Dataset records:
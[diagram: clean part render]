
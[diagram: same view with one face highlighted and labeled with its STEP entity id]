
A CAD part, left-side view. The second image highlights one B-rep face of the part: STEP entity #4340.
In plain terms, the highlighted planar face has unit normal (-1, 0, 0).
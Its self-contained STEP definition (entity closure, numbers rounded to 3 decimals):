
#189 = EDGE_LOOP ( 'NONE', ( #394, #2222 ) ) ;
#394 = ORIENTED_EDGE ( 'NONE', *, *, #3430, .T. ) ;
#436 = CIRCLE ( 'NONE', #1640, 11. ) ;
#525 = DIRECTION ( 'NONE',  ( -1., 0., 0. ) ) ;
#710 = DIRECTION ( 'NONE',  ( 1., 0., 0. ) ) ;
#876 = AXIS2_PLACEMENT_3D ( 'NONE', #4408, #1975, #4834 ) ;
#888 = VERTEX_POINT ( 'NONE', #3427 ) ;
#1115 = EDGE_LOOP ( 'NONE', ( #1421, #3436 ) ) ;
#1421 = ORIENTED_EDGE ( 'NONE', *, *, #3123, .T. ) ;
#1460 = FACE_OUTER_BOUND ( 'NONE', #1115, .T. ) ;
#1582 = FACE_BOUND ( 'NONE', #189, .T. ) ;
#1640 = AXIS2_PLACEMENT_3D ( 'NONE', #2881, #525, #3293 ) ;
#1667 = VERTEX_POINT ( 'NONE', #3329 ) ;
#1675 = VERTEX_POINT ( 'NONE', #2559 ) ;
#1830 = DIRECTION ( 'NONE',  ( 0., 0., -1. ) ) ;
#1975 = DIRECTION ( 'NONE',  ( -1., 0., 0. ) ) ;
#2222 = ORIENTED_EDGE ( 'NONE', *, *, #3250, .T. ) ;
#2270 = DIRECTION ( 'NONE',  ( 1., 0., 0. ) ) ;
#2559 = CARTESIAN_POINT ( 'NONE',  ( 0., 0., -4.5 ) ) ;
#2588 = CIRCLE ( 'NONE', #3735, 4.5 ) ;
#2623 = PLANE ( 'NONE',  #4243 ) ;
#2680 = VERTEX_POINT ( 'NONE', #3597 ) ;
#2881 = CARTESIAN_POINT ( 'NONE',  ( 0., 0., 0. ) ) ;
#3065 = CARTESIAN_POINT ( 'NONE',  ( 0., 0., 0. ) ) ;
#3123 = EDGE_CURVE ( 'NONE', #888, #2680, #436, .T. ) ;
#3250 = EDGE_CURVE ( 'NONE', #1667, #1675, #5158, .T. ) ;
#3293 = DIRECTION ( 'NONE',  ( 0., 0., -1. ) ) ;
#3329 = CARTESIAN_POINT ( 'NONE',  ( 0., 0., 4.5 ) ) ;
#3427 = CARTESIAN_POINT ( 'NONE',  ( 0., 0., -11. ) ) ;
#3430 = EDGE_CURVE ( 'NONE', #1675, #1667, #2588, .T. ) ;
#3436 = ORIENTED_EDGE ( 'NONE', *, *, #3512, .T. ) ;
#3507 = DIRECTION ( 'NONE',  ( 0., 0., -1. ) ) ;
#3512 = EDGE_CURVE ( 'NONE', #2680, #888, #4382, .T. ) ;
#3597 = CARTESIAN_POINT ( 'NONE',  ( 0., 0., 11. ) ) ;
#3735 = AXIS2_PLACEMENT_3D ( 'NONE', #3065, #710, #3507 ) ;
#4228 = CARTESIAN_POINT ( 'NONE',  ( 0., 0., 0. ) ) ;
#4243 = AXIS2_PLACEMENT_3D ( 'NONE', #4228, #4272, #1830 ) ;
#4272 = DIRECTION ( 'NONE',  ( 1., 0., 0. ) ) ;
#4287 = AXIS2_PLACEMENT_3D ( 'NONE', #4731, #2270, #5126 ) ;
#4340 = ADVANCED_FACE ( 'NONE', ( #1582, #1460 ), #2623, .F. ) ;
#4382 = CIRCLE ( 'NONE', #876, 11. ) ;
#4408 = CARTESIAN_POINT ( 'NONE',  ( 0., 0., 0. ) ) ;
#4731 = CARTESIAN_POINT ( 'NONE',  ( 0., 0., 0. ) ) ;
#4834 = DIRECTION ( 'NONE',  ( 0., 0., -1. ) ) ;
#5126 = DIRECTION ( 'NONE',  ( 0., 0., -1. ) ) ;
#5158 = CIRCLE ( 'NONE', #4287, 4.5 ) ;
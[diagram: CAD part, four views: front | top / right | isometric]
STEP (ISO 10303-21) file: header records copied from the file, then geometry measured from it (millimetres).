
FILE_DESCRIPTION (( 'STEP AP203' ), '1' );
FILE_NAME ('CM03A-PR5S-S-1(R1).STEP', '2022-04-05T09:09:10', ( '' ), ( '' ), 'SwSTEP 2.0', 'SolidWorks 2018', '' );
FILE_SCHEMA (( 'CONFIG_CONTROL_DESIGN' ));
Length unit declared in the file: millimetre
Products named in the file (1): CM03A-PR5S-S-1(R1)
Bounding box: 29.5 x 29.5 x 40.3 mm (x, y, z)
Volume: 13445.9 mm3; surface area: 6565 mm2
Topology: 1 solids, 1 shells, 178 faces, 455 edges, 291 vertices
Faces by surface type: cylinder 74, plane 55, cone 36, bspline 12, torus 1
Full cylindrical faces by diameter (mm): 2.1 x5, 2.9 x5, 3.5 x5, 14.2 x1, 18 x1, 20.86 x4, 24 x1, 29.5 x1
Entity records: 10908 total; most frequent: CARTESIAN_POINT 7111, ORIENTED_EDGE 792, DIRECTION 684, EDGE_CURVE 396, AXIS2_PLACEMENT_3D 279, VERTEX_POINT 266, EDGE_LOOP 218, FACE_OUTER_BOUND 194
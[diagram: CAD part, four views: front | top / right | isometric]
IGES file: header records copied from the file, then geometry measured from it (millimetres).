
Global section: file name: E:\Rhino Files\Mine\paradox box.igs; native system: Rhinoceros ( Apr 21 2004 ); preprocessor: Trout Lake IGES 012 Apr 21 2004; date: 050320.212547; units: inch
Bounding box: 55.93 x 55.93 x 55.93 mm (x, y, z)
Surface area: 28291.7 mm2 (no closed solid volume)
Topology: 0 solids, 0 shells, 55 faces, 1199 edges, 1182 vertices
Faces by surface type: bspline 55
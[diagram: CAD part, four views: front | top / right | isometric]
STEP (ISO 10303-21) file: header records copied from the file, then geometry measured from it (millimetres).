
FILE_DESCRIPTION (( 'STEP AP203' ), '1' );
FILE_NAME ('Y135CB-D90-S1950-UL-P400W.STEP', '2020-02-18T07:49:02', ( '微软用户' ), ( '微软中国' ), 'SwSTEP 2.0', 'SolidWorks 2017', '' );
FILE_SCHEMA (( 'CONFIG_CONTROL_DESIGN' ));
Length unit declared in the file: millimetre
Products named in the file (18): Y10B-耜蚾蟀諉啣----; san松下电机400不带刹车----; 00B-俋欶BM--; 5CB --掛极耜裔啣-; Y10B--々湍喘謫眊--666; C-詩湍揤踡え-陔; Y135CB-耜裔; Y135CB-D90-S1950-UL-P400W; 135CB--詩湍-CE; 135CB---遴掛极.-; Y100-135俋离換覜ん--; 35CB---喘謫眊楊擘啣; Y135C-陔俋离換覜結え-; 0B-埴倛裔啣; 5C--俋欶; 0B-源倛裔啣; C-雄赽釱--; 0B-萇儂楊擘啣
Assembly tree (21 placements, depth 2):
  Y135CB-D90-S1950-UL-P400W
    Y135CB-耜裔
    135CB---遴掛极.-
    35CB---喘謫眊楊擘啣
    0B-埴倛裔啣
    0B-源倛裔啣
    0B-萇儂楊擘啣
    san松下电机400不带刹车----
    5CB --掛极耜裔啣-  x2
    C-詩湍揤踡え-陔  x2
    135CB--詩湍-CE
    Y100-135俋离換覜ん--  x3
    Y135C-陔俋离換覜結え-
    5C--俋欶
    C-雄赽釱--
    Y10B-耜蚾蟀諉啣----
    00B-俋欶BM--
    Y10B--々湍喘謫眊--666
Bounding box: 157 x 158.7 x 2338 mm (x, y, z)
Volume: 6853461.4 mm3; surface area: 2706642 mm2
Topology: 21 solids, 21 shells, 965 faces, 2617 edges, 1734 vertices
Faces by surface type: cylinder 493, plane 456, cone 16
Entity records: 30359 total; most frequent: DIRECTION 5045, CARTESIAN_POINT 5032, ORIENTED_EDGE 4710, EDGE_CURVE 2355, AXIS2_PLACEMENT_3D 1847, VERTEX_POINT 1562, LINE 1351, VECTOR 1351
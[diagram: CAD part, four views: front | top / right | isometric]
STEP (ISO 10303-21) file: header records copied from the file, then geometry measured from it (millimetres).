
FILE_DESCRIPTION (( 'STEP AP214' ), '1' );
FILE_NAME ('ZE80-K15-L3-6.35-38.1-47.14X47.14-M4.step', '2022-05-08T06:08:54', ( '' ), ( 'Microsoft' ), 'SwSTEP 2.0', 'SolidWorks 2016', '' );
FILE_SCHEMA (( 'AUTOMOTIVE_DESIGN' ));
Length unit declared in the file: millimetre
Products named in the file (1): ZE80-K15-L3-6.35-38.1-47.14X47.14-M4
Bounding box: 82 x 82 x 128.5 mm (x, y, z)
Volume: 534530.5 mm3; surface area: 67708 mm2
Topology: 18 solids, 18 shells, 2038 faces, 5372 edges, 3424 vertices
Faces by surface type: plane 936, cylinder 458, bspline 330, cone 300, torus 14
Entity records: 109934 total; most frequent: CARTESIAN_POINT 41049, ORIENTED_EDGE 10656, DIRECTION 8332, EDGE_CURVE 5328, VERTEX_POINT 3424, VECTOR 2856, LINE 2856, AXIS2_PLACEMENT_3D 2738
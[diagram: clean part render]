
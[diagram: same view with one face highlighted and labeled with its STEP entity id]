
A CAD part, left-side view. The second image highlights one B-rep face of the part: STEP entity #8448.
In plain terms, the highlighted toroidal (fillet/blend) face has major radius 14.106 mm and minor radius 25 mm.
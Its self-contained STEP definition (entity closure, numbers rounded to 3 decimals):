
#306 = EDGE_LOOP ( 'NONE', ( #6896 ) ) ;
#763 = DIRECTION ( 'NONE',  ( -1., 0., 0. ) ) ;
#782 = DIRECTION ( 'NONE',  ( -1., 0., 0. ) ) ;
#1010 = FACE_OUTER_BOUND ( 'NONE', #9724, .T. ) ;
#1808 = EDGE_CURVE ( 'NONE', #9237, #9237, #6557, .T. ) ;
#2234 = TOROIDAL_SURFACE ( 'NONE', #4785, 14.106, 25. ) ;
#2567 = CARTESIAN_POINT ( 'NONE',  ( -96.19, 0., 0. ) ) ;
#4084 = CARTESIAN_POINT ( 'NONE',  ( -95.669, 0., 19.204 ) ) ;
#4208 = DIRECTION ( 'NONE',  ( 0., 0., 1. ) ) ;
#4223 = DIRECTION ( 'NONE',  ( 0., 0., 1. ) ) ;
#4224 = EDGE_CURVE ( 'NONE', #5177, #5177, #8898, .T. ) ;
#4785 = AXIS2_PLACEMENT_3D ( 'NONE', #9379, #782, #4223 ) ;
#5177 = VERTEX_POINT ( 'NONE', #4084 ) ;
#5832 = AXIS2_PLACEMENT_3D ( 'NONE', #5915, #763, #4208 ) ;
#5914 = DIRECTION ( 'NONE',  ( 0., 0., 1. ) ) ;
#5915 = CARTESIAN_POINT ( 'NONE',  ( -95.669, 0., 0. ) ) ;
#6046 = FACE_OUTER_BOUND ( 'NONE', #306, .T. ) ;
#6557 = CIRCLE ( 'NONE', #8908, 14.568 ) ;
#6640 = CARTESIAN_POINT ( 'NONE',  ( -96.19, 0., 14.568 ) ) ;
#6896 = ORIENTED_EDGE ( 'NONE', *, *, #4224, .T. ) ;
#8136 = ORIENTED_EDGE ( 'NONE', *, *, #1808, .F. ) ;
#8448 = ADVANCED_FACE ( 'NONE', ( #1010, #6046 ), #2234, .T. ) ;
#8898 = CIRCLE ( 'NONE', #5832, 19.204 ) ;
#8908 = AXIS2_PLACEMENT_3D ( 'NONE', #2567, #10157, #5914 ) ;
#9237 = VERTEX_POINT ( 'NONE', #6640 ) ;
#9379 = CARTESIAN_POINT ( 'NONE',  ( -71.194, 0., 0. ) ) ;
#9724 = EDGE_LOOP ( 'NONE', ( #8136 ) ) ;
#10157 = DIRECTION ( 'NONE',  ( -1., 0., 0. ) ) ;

▸ **DESCRIPTION OF THE TASK**
Among the entries above, the lines between the ones containing "#1460 = FACE_OUTER_BOUND" and "#1830 = DIRECTION", inclusive, are to be transcribed exactly. No other line is to be given.

▸ **FINISHED TASK**
#1460 = FACE_OUTER_BOUND ( 'NONE', #1115, .T. ) ;
#1582 = FACE_BOUND ( 'NONE', #189, .T. ) ;
#1640 = AXIS2_PLACEMENT_3D ( 'NONE', #2881, #525, #3293 ) ;
#1667 = VERTEX_POINT ( 'NONE', #3329 ) ;
#1675 = VERTEX_POINT ( 'NONE', #2559 ) ;
#1830 = DIRECTION ( 'NONE',  ( 0., 0., -1. ) ) ;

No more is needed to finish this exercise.